THE HANGOVER PART II
. 102 mins. R. Directed by Todd Phillips. Written by Craig Mazin & Scot Armstrong & Todd Phillips.
How’s that line go? “Second verse, same as the first.” Welcome to The Hangover Part II, folks. Just last week, in my Pirates 4 review, I discussed one of my least favorite types of sequels: the kind that don’t raise the bar. While those are problematic, sure, they pale in comparison to the grave mistake made by The Hangover Part II (following in the footsteps of similarly flawed sequels like Home Alone 2): it’s the same damn movie! Part II is utterly worthless as a movie, as a sequel, and as summer entertainment. It is the epitome of lazy screenwriting, amounting to nothing more than a scene-by-scene redo of the original with only minor tweaks.
Don’t believe me? Let’s break it down. Part II trades Vegas for Bangkok. A baby for a monkey. A missing tooth for a face tattoo. Stu’s (Ed Helms) bitchy, disapproving girlfriend for Stu’s bastard, disapproving father-in-law. Alan (Zach Galifianakis) spiking Jagermeister with Alan spiking marshmallows. Missing Doug for missing Stu’s brother-in-law. Chow jumping naked out of a trunk for Chow jumping naked out of a freezer. I could go on and on. The story elements are familiar, but so is the structure. It begins with Phil (Bradley Cooper) saying they f**ked up again. There’s a wedding. It ends with everybody gathering around a camera to see photos of what happened the night before.
There may be the occasional funny moment or line – how could there not be given the comedic talents of the three main actors – but it’s only about half as funny as the first. This overfamiliarity causes problems elsewhere too. Part of the reason the first Hangover worked so well is that even when it wasn’t laugh-out-loud funny, it still worked as a mystery. What did happen to the guys last night? Because Part II tells the same story, we know exactly what happened to them last night. So, when the characters are confused, shocked, and wonder “what the f**k?”, it’s not as funny as it once was.
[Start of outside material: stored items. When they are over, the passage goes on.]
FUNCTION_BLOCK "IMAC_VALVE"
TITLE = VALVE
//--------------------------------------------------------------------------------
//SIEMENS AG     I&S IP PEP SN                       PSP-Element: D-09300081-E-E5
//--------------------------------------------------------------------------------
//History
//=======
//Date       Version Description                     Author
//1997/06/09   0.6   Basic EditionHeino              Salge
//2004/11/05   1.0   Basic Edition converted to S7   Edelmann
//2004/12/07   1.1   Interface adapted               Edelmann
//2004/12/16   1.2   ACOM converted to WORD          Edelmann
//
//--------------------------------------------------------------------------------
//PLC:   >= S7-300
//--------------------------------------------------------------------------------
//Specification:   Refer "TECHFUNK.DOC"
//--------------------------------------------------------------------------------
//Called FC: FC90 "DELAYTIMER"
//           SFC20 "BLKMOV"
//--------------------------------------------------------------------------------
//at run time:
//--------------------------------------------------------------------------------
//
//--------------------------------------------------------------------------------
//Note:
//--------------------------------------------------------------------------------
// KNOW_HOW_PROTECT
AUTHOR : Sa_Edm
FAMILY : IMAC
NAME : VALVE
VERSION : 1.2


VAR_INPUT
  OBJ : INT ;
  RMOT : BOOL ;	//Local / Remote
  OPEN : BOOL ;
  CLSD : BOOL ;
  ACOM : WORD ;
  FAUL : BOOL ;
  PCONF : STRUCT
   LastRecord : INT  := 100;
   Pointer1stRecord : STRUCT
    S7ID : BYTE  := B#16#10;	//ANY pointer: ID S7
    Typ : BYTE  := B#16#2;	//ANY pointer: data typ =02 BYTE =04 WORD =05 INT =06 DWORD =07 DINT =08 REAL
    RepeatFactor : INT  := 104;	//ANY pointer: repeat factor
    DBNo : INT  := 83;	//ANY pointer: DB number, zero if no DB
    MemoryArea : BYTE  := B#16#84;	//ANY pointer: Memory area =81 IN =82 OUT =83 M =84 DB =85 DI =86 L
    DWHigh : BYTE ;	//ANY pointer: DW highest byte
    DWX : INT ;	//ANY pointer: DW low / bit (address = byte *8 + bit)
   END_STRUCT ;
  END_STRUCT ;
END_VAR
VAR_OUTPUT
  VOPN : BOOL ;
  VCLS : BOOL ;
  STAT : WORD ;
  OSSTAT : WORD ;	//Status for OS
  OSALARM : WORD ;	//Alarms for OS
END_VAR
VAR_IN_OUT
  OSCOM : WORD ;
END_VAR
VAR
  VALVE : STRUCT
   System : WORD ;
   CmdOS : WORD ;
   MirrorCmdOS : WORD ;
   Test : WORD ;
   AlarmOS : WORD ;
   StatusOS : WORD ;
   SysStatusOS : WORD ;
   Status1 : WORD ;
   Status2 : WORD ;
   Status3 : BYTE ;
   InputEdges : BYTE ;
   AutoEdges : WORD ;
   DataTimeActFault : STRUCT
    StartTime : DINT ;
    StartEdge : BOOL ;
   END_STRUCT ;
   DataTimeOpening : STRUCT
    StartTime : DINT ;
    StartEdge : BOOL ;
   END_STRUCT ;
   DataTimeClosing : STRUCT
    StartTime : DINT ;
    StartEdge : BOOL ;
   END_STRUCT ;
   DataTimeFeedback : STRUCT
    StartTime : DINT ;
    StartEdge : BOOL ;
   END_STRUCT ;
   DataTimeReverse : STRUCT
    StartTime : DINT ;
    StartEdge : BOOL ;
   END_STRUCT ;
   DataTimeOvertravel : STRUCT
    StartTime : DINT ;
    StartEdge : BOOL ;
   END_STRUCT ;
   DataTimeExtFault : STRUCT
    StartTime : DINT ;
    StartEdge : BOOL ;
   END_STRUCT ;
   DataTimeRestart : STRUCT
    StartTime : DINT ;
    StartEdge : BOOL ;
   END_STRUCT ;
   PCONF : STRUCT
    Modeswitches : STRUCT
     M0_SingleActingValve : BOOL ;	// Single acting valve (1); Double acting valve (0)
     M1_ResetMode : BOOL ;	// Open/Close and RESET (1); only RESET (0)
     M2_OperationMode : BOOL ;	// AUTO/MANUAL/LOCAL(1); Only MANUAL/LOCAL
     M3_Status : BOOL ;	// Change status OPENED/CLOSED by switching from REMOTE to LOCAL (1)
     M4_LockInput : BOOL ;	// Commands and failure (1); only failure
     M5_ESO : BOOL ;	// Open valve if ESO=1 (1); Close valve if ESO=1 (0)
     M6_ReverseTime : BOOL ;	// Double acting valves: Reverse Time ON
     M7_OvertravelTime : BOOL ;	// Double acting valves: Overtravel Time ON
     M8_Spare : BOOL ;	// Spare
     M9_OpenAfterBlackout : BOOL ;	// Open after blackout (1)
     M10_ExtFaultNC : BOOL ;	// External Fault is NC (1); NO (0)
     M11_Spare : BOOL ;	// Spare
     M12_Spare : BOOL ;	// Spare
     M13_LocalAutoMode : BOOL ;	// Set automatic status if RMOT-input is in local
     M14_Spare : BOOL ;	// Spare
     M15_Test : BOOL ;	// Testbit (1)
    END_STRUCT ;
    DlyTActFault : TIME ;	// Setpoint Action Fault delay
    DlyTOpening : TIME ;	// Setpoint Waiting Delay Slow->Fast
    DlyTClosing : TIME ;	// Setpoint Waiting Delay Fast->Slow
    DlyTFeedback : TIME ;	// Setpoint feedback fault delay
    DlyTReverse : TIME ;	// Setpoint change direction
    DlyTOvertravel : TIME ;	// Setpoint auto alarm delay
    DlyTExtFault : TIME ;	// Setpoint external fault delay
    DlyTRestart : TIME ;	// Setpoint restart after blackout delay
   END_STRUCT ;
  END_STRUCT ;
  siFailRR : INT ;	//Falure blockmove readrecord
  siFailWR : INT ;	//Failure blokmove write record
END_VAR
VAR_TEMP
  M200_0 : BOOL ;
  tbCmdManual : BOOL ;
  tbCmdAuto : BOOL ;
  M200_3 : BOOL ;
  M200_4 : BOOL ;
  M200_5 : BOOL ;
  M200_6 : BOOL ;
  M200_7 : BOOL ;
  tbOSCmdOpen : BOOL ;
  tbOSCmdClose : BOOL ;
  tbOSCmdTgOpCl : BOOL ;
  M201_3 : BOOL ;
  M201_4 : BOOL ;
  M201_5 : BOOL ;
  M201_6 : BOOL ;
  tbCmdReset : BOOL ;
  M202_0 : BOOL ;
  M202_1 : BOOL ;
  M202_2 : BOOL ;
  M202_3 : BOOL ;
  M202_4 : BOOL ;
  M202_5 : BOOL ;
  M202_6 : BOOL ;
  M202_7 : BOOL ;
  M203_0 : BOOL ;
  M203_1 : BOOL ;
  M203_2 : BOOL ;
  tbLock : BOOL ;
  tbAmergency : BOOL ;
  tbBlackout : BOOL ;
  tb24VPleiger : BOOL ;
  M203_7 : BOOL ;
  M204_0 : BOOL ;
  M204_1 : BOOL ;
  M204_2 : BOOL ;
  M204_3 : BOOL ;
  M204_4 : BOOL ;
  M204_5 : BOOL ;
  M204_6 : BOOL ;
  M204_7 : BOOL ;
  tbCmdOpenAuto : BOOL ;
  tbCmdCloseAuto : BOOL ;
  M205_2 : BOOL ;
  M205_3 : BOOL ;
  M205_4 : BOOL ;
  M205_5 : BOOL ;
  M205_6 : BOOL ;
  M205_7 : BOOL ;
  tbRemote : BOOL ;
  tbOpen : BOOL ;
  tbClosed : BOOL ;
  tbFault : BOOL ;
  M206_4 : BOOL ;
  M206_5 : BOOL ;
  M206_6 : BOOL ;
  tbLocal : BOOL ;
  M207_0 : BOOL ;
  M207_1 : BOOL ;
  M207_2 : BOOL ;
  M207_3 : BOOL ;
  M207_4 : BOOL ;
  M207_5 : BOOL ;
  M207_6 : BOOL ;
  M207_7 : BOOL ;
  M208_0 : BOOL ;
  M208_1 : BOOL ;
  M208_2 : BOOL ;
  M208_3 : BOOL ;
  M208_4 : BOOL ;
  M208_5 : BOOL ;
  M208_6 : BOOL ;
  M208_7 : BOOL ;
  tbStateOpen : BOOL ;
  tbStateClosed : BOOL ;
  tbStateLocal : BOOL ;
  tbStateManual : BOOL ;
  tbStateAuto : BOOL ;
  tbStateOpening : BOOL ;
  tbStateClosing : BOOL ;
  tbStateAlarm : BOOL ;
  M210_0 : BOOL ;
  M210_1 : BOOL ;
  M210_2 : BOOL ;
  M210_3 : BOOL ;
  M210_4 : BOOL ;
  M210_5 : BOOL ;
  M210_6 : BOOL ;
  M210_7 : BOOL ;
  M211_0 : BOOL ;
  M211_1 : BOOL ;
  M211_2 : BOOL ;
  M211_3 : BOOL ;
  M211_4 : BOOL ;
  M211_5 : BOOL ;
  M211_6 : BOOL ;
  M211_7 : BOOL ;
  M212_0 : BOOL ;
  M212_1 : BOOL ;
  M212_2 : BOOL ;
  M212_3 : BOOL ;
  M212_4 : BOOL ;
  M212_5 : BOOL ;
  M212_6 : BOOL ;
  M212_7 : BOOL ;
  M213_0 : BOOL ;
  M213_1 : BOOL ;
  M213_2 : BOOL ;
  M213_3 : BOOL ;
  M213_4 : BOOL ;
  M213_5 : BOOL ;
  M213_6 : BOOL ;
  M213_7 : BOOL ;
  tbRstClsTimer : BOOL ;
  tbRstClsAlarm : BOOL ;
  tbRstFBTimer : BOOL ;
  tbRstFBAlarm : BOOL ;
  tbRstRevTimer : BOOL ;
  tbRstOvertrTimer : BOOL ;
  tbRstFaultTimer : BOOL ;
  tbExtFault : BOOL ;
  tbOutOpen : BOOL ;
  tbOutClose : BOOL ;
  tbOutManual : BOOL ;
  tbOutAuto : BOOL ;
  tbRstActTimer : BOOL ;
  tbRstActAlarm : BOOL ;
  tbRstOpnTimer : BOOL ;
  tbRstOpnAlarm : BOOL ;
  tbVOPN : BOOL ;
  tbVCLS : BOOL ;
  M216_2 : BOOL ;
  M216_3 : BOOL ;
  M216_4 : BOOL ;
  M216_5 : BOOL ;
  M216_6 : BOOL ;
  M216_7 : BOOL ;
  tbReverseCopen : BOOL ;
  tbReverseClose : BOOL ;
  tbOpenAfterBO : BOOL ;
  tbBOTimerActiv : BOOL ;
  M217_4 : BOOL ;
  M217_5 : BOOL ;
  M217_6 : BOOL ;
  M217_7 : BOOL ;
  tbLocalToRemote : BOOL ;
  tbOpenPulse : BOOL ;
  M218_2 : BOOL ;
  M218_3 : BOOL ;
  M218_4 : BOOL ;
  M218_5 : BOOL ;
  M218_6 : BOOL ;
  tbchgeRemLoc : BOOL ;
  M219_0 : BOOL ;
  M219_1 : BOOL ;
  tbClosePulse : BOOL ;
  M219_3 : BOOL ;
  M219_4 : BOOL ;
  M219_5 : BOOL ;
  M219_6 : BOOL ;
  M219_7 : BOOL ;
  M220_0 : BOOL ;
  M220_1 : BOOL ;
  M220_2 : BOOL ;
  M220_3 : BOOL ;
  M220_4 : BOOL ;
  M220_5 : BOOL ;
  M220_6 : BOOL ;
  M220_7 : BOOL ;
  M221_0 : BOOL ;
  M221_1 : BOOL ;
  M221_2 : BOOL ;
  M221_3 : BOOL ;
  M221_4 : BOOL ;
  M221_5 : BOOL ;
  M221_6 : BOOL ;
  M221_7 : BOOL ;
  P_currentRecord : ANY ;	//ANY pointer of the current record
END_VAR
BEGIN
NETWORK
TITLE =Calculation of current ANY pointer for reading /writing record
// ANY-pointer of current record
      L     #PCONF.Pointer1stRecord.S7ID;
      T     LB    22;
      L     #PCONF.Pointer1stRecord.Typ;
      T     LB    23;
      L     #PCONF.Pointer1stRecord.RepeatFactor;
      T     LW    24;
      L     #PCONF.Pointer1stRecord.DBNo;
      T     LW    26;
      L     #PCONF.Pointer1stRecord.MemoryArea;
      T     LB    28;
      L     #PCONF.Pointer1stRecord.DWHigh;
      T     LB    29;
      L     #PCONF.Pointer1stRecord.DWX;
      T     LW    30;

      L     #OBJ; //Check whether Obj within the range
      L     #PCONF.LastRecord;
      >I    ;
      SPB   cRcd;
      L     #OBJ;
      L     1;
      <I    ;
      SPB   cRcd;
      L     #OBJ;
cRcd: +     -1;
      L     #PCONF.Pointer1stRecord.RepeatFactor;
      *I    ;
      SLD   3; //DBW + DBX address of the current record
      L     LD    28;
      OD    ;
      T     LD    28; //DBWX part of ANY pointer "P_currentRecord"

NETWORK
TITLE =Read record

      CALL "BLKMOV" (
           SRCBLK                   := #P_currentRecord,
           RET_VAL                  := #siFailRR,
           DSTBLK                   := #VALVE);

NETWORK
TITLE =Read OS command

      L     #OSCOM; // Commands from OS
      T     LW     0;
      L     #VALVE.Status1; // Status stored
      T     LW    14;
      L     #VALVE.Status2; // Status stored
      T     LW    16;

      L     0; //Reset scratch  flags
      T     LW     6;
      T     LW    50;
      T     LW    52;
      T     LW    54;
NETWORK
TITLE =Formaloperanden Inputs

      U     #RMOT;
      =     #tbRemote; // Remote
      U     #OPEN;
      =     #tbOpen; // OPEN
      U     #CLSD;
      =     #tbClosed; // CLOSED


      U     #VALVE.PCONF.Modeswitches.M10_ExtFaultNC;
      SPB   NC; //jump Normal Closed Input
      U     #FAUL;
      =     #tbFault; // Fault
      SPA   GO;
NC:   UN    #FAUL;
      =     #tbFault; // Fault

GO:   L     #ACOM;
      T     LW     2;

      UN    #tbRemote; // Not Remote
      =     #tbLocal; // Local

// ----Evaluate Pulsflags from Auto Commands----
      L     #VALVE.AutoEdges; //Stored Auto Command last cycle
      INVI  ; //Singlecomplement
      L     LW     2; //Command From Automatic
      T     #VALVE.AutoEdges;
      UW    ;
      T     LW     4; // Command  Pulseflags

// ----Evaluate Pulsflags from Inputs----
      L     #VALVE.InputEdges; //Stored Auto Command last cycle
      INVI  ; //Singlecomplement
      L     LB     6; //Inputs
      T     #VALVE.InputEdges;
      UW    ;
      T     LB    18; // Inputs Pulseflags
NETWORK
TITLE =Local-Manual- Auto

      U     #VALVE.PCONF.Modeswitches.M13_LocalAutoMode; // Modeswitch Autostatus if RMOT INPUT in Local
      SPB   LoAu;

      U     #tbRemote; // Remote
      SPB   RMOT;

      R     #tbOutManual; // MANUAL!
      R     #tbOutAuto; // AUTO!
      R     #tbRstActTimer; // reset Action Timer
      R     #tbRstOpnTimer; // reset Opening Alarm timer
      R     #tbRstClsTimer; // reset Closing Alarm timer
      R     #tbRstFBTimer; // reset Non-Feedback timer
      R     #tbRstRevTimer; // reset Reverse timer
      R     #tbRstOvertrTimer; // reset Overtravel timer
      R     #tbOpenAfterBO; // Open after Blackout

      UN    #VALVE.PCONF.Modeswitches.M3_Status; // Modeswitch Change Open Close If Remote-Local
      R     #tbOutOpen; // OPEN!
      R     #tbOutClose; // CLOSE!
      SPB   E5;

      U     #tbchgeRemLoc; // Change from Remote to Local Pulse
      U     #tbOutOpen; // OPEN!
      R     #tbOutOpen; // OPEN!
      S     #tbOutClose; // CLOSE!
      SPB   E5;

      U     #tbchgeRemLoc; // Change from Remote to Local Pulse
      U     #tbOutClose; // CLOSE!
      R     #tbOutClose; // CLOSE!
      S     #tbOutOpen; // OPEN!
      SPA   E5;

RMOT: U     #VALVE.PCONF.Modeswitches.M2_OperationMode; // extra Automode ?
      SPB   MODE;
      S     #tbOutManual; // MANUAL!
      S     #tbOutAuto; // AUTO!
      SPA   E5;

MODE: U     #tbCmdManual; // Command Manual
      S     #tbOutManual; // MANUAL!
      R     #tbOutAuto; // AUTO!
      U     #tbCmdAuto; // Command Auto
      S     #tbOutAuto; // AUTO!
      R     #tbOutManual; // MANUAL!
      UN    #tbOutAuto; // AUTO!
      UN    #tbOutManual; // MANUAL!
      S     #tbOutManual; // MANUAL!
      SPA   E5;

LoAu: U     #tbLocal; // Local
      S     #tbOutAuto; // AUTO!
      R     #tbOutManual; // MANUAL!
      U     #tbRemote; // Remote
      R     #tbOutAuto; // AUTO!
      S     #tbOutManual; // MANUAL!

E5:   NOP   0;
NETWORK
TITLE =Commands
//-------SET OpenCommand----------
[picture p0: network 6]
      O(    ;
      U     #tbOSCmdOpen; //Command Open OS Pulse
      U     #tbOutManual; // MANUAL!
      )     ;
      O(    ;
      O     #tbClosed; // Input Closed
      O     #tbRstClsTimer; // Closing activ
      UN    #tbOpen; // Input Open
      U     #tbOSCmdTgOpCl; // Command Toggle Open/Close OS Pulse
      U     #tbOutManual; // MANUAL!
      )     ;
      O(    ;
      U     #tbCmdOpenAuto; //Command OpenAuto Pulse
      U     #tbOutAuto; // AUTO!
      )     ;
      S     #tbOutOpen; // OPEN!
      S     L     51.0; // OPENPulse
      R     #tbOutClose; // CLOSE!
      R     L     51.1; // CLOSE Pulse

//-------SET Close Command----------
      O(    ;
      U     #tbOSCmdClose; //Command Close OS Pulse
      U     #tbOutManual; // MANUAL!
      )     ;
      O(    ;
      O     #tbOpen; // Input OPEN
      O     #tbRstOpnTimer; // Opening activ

The best parts of the movie are the first 20 minutes, where we’re allowed to catch up with the characters and see where they are now. The movie coasts by on audience goodwill for another 45 minutes or so, but then flatlines around the one-hour mark.
The blame here has to lie with co-writer/director Todd Phillips. Though I like him as a comedy director – he’s got a dark, playful visual style and he uses music well – he really let fans down with this one. I don’t know if the production was rushed, but they had two years in between movies to come up with a better concept. Also, by using Part II in the title, it implies that this is a continuation. You don’t even need another hangover plot device because the hangover from the first movie still applies. Phillips could have reunited this cast and done almost anything else with them and it would have been funny. But the fact that he so cheaply cribbed from the original and didn’t really come up with any new ideas speaks volumes: not only about the filmmakers’ motivation for the sequel (money! money! money!) but for their contempt for the audience.
The Hangover Part II is going to make mad money this weekend. I was eagerly anticipating it, and I know others are as well. People loved the first Hangover. If done well, they would have lined up for any number of sequels. Not anymore. Part II sucks on its own, but it also cheapens the laughs of the original. Enjoy the money now, guys. Congrats. You’ve just tanked the franchise.